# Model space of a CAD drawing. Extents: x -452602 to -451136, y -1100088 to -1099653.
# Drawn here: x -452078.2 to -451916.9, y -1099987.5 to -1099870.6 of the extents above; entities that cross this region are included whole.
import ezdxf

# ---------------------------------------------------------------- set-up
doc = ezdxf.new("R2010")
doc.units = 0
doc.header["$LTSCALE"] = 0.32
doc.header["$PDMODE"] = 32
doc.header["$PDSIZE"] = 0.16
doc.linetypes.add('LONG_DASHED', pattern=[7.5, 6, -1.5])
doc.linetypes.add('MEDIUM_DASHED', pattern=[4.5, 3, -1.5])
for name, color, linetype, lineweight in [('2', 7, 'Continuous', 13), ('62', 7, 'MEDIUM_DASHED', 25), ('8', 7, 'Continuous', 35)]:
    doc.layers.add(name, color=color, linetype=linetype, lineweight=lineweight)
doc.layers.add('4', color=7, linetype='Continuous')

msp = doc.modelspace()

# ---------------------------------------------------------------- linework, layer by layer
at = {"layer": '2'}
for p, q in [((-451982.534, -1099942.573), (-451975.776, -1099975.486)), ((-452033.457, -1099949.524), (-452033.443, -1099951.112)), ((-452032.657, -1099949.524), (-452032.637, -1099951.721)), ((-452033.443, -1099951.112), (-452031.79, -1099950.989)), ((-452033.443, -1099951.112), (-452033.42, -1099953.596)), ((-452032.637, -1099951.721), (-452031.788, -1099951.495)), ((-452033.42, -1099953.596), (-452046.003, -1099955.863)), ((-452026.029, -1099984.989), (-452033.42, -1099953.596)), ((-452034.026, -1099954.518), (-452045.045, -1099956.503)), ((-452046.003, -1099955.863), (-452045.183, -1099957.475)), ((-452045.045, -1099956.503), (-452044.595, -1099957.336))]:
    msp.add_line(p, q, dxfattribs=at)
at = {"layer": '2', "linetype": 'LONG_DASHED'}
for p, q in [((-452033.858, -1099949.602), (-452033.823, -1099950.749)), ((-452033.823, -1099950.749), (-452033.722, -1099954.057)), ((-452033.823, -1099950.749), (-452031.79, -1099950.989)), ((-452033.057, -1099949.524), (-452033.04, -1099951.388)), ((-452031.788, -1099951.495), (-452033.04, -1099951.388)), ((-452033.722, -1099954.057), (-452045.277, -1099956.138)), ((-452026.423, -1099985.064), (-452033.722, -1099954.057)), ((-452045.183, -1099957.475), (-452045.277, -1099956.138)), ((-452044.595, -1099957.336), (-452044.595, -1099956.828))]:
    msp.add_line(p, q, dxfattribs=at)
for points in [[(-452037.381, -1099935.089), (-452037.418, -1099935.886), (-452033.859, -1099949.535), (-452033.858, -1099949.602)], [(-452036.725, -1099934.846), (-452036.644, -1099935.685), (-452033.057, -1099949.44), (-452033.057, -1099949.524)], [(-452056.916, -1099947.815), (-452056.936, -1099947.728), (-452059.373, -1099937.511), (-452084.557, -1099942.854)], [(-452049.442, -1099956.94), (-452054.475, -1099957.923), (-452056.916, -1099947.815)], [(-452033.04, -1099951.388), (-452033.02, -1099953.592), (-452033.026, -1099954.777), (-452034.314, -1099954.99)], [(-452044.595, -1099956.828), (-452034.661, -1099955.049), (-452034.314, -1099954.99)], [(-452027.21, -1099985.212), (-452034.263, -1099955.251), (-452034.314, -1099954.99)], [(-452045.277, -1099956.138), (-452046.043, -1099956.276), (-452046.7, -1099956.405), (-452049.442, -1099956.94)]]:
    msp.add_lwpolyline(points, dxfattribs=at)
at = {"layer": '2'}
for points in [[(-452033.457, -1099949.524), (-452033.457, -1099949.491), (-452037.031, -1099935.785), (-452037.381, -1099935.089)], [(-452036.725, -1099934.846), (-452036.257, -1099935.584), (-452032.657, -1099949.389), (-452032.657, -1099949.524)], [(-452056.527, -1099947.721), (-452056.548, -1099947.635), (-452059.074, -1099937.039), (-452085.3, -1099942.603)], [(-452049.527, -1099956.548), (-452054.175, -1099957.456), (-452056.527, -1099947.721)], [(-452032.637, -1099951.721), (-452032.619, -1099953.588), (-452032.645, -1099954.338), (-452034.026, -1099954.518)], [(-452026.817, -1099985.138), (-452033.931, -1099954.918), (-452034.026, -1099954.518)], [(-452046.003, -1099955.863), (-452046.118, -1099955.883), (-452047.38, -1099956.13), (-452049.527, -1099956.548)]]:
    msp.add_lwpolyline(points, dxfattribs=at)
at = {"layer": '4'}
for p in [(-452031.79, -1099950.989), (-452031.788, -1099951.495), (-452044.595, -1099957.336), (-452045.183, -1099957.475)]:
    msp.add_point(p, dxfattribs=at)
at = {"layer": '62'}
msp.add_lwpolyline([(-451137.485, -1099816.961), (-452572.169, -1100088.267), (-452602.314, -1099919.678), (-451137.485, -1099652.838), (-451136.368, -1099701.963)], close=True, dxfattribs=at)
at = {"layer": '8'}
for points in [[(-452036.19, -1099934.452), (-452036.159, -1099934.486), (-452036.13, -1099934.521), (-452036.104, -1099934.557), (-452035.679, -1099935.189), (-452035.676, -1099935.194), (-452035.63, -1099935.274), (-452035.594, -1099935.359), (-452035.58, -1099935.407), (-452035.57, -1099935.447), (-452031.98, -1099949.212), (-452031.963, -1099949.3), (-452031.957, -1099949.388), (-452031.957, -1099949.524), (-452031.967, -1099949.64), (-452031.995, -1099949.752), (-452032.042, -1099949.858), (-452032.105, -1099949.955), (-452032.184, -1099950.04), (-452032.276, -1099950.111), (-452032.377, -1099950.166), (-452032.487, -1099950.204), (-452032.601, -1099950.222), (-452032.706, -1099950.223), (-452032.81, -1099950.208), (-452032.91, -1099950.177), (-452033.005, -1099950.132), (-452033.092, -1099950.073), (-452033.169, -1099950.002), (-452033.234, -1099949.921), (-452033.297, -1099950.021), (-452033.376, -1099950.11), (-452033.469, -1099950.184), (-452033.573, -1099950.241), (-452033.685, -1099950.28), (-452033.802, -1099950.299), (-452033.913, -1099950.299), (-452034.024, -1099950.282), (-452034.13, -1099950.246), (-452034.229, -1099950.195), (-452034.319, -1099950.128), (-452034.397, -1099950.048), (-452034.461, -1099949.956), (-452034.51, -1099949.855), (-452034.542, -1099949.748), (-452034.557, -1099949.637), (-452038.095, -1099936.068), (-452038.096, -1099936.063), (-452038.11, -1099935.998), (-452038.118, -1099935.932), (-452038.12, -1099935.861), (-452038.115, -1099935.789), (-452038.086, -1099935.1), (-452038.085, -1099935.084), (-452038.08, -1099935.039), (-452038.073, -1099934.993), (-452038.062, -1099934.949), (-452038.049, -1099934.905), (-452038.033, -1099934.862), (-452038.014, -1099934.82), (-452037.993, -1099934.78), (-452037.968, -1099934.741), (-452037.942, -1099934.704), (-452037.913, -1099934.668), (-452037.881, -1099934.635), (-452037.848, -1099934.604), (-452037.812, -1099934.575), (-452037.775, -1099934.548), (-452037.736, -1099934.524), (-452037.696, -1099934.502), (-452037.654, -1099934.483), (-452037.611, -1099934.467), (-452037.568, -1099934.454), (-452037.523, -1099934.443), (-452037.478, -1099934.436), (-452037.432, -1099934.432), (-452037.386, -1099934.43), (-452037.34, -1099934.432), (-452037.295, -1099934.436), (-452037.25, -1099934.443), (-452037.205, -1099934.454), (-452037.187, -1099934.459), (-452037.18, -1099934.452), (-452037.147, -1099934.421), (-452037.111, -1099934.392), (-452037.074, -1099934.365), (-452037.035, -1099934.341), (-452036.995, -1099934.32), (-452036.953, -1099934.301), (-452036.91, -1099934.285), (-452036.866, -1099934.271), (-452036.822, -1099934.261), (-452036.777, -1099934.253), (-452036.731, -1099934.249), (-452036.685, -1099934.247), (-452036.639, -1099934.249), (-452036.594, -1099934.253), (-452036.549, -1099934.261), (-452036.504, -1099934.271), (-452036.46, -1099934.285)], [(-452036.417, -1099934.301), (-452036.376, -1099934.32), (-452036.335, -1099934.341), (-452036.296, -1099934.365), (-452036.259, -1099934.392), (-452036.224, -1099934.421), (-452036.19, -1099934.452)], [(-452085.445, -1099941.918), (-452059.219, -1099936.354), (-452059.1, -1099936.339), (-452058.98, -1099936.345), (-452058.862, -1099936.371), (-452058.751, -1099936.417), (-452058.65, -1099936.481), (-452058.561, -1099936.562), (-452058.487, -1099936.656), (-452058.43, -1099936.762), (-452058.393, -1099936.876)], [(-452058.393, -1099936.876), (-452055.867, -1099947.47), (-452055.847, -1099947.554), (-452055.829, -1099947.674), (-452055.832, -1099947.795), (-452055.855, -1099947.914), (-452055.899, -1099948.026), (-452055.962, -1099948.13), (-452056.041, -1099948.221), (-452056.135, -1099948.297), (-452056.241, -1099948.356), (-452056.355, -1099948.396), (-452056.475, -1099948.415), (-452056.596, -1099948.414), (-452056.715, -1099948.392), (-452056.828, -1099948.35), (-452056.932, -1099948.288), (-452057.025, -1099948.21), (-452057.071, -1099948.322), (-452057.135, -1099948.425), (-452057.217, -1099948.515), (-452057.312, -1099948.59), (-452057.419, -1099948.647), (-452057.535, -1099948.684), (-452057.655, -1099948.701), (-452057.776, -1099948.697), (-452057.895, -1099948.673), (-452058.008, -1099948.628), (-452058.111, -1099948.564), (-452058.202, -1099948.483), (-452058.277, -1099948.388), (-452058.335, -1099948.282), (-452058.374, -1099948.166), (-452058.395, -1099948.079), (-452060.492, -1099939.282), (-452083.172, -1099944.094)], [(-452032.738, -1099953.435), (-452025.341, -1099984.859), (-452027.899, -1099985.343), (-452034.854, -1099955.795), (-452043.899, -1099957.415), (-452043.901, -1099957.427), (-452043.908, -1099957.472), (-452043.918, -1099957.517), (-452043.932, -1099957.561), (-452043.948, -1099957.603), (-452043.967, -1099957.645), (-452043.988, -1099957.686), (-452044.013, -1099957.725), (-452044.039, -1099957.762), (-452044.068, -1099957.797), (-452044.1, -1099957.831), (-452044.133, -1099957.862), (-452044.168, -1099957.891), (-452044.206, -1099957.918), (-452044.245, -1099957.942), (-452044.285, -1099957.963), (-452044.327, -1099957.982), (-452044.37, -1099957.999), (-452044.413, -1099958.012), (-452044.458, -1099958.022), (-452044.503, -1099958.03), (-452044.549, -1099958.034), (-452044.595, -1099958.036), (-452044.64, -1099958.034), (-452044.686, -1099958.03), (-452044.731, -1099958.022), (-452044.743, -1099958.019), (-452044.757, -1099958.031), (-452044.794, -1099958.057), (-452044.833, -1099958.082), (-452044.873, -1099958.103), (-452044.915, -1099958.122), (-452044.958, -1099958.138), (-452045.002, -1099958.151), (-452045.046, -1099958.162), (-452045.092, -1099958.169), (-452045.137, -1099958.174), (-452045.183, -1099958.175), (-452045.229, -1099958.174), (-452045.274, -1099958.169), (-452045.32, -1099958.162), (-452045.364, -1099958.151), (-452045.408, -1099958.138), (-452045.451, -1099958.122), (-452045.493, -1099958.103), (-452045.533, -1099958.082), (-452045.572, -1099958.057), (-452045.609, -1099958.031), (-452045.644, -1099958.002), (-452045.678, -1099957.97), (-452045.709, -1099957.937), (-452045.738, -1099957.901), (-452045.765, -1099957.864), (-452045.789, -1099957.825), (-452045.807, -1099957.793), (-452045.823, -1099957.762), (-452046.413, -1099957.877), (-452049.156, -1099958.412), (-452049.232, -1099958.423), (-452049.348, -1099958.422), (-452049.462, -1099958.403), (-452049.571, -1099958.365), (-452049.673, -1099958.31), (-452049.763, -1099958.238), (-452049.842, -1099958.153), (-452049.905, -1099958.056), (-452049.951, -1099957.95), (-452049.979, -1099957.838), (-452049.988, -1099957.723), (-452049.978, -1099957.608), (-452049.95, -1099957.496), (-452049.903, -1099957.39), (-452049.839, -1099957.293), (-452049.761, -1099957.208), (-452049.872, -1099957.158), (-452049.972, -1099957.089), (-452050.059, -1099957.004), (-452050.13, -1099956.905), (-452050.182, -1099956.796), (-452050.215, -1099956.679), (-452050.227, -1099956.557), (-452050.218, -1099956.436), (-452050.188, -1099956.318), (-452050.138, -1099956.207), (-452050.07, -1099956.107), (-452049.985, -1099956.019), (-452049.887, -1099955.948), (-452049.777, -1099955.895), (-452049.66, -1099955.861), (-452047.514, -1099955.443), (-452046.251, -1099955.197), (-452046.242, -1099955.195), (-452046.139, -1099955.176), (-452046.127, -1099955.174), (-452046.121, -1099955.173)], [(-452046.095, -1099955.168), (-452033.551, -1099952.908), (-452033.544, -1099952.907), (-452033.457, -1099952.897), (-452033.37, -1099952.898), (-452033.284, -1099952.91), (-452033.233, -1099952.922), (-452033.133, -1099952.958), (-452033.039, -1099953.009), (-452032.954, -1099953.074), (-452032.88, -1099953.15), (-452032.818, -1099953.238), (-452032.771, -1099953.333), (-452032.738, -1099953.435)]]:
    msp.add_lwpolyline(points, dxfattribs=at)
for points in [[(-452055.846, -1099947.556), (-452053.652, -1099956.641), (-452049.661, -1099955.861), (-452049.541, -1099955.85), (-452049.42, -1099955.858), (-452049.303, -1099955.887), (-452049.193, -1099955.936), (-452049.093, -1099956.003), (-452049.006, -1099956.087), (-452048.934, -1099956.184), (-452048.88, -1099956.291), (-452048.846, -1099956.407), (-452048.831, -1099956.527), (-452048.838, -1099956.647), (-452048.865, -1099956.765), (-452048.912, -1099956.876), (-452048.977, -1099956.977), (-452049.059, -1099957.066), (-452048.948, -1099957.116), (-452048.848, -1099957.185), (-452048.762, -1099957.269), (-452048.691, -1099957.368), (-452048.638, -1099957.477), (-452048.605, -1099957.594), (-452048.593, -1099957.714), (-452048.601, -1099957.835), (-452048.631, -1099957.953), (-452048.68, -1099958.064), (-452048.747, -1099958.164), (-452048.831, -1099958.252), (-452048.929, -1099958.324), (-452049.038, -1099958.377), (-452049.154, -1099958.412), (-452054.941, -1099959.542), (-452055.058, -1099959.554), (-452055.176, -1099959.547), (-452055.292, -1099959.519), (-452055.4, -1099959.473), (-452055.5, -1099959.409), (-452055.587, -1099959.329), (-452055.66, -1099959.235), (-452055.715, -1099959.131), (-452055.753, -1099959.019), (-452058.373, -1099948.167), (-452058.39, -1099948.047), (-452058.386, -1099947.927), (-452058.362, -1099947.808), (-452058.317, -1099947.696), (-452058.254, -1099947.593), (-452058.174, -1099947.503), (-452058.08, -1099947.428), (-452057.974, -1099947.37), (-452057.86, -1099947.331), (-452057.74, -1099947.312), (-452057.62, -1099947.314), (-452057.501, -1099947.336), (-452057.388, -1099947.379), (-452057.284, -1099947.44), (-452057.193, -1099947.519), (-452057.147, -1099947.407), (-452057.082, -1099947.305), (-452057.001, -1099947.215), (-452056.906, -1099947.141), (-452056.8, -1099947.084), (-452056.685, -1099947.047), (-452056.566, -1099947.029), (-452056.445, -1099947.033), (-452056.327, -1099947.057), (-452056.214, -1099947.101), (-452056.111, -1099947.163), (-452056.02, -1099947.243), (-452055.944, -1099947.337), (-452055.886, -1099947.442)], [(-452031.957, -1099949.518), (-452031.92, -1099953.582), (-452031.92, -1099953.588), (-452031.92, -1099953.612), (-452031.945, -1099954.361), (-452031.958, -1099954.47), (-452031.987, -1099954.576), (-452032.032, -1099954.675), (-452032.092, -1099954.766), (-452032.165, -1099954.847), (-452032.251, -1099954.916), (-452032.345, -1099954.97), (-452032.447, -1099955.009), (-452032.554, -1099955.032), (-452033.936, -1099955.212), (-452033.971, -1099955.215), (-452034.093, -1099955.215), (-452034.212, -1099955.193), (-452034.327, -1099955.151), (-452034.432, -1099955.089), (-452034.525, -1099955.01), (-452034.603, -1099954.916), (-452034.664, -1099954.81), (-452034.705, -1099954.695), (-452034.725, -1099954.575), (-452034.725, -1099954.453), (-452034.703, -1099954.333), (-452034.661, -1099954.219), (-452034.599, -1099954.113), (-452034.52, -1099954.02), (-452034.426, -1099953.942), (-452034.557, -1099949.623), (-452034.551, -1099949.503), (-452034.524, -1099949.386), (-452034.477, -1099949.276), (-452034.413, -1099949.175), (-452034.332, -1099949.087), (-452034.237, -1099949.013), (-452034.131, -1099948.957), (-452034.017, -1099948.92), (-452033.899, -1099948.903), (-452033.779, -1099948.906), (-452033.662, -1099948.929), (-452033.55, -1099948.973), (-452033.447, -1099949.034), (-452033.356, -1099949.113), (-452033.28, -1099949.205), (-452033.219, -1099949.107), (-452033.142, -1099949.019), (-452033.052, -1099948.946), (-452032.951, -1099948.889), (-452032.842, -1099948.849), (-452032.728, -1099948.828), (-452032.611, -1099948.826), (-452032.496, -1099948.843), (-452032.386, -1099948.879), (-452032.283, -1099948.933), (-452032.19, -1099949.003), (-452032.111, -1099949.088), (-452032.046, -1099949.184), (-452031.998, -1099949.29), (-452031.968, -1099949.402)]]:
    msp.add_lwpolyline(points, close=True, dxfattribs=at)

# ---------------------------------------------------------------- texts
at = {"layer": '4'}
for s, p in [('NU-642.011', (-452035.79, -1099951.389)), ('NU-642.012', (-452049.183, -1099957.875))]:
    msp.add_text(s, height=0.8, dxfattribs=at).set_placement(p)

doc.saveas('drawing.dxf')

....

Copy out each line carrying the string "close" from the data.

_Solution_
msp.add_lwpolyline([(-451137.485, -1099816.961), (-452572.169, -1100088.267), (-452602.314, -1099919.678), (-451137.485, -1099652.838), (-451136.368, -1099701.963)], close=True, dxfattribs=at)
    msp.add_lwpolyline(points, close=True, dxfattribs=at)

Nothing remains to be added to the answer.